**What the task requires**.
Could you write out the opening lines of the data, word for word, stopping after the line that contains "NetC17_1: C17.1 GND_INSTANCE_4_0.0(GND)"?

:: Source information ::

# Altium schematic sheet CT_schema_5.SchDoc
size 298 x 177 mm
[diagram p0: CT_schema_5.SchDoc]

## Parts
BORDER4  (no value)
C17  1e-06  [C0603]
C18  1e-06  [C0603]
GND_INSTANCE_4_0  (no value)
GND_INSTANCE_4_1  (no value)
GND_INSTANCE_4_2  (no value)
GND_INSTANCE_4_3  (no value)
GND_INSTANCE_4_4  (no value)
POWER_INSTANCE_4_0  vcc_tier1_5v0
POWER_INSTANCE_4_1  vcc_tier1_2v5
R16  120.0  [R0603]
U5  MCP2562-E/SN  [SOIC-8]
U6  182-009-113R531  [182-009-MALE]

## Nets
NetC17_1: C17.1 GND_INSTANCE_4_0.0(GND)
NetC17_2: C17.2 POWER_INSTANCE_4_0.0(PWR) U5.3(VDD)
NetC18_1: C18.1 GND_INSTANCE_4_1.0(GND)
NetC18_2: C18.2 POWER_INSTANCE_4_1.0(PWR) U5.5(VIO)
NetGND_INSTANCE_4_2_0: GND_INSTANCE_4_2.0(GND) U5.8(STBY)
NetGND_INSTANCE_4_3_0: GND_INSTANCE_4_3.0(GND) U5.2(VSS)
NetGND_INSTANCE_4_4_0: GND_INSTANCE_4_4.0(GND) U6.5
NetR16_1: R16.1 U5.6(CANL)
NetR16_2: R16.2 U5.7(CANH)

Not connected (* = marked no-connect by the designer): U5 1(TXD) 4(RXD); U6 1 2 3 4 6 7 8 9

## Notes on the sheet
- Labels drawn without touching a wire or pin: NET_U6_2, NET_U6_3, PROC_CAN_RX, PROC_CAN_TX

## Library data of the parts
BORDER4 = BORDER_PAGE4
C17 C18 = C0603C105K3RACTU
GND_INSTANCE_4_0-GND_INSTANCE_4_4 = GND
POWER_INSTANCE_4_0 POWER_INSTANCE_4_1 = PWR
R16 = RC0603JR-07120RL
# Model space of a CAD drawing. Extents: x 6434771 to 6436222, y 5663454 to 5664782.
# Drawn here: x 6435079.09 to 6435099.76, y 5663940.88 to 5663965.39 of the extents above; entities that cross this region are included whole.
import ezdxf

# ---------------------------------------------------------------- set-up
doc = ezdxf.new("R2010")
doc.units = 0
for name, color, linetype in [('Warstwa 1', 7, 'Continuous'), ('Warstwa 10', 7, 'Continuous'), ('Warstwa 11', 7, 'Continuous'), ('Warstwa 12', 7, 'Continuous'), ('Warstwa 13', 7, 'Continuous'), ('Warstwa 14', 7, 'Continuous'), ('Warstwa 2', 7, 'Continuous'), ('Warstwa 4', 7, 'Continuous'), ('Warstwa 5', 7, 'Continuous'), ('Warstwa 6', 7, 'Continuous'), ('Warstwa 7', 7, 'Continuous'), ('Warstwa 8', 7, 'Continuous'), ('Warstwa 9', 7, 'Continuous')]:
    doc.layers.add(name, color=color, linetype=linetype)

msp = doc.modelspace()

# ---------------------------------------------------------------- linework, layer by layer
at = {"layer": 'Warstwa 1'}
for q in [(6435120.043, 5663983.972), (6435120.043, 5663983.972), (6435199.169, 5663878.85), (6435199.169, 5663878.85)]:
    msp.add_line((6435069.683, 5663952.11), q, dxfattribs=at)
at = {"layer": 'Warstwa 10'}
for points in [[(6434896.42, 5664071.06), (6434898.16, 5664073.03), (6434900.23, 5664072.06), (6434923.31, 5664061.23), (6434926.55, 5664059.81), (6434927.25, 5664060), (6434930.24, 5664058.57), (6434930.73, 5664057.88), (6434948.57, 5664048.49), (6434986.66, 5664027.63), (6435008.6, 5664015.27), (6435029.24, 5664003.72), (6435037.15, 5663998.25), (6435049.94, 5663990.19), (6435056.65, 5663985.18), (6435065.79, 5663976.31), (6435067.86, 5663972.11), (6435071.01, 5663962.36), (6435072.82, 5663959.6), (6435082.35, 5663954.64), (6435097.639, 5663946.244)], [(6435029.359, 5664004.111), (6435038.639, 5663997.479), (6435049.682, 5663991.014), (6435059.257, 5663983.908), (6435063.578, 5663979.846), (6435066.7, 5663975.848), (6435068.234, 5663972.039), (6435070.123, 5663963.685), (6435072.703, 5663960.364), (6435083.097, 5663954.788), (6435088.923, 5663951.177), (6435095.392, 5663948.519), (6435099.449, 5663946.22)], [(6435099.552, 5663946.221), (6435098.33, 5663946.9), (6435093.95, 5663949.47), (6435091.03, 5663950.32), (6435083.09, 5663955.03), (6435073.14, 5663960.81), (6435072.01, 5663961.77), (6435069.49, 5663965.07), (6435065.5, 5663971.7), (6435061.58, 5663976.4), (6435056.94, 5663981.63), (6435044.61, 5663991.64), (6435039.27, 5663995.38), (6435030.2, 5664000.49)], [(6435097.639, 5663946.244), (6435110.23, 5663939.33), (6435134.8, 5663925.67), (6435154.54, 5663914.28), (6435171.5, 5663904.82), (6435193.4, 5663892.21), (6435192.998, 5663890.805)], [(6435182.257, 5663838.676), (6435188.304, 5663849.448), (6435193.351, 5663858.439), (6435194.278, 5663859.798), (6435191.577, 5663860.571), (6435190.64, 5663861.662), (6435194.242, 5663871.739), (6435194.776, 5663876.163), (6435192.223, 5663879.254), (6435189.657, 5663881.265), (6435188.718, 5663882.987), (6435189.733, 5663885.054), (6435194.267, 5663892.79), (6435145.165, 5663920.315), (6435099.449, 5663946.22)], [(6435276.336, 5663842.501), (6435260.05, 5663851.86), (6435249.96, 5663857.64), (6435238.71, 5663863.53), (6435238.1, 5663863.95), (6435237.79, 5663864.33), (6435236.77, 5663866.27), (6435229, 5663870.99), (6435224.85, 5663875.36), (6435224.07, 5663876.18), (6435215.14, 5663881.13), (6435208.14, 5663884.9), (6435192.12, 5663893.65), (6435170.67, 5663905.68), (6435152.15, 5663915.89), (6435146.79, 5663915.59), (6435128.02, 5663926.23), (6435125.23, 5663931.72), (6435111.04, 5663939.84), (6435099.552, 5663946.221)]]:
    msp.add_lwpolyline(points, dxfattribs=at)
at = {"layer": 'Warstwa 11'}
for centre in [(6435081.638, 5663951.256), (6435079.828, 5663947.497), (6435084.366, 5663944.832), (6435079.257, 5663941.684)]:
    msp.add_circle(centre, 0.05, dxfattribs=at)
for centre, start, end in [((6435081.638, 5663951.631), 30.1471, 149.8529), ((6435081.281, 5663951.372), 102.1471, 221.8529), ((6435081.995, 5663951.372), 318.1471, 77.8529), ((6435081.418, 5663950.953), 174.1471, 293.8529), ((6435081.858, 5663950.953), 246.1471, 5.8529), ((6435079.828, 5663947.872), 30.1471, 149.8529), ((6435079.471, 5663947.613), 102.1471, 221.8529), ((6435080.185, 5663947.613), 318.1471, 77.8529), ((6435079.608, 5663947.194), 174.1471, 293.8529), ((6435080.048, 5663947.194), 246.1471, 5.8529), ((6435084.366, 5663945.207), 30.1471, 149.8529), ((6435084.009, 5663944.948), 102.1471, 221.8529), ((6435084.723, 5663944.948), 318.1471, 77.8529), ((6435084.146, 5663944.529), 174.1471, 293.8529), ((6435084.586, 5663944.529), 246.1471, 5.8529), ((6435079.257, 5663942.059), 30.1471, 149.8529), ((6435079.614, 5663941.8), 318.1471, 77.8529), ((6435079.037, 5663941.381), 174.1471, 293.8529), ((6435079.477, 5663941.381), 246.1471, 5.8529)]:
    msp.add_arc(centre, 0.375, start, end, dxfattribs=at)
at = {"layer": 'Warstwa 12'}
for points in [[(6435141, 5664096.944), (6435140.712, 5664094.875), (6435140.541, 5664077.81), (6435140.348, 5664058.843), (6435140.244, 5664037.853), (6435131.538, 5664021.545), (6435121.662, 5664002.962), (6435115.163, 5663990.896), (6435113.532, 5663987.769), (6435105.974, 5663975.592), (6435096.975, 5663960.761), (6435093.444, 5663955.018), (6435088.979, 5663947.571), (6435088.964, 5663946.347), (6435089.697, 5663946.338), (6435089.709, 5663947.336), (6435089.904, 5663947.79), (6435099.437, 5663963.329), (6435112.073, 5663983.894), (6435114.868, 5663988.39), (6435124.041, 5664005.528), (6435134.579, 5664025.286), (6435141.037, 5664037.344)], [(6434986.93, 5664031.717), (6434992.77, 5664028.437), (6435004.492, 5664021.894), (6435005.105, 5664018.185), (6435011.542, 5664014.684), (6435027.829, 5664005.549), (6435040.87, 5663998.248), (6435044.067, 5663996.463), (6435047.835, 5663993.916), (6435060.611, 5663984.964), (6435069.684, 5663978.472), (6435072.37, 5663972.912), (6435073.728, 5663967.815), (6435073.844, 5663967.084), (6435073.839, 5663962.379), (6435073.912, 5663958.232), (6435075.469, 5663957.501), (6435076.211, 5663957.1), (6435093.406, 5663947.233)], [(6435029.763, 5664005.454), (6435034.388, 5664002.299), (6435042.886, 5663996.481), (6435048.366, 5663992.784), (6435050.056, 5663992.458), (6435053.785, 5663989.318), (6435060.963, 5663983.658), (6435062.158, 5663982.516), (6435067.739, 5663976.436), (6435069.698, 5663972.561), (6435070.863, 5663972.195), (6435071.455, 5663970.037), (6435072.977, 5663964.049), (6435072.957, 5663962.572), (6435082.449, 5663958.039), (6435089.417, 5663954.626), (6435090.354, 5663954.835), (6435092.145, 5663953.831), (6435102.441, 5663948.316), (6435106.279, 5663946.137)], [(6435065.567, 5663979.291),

:::

**Answer area**.
# Altium schematic sheet CT_schema_5.SchDoc
size 298 x 177 mm
[diagram p0: CT_schema_5.SchDoc]

## Parts
BORDER4  (no value)
C17  1e-06  [C0603]
C18  1e-06  [C0603]
GND_INSTANCE_4_0  (no value)
GND_INSTANCE_4_1  (no value)
GND_INSTANCE_4_2  (no value)
GND_INSTANCE_4_3  (no value)
GND_INSTANCE_4_4  (no value)
POWER_INSTANCE_4_0  vcc_tier1_5v0
POWER_INSTANCE_4_1  vcc_tier1_2v5
R16  120.0  [R0603]
U5  MCP2562-E/SN  [SOIC-8]
U6  182-009-113R531  [182-009-MALE]

## Nets
NetC17_1: C17.1 GND_INSTANCE_4_0.0(GND)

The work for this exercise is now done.